Daniel Mesonero

Personal information
- Full name: Daniel Mesonero Miguel
- Date of birth: 3 September 2005 (age 20)
- Place of birth: Madrid, Spain
- Height: 1.73 m (5 ft 8 in)
- Position: Midfielder

Team information
- Current team: Real Madrid B
- Number: 22

Youth career
- 2013–2015: Moratalaz
- 2015–2019: Rayo Vallecano
- 2019–2025: Real Madrid

Senior career*
- Years: Team / Apps / (Gls)
- 2025–2026: Real Madrid C / 17 / (1)
- 2025–: Real Madrid Castilla / 16 / (1)
- 2026–: Real Madrid / 0 / (0)

International career^{‡}
- 2024: Spain U19 / 2 / (1)

= Daniel Mesonero =

Spanish footballer

Daniel Mesonero Miguel (born 3 September 2005), sometimes known as Dani Meso, is a Spanish professional footballer who plays as a midfielder for Real Madrid.

==Club career==
Mesonero is a product of the youth academies of the Spanish clubs Moratalaz, Rayo Vallecano and Real Madrid.

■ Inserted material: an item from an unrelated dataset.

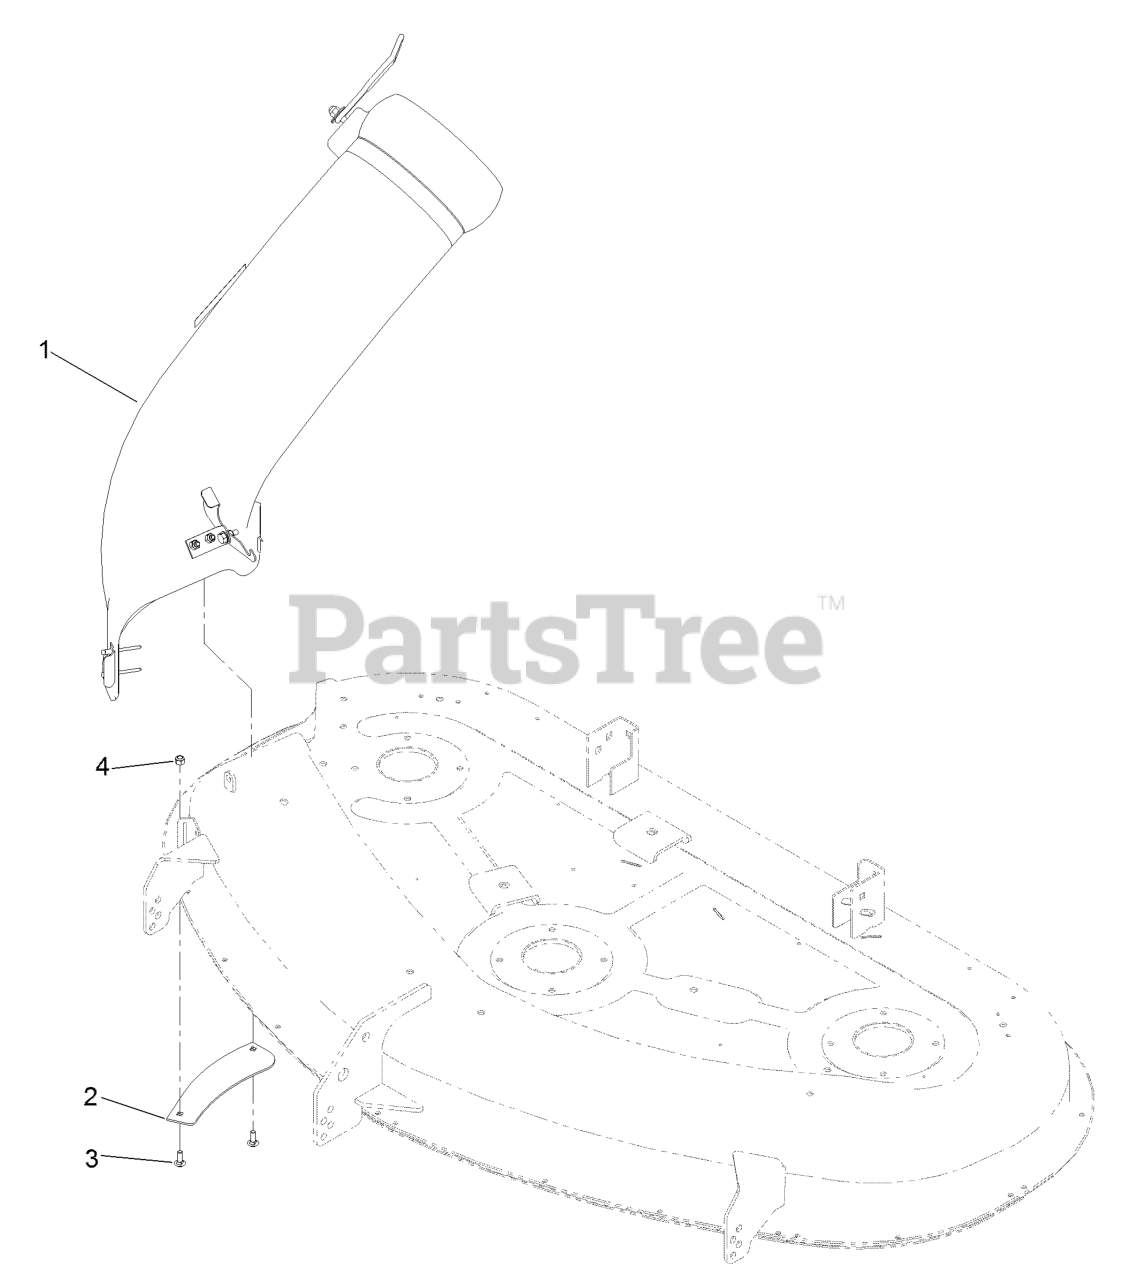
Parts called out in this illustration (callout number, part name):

On 21 May 2024, he extended his contract with Real Madrid until 2028. In July 2024, he injured his cruciate ligament while training with the senior Real Madrid team. For the 2025–26 season, he started playing with Real Madrid C, and shortly started playing with Real Madrid Castilla. He debuted with the senior Real Madrid team as a substitute in a 6–1 UEFA Champions League win over Monaco on 20 January 2026.

==International career==
In February 2024, Mesonero was called up to the Spain U19s for a set of friendlies.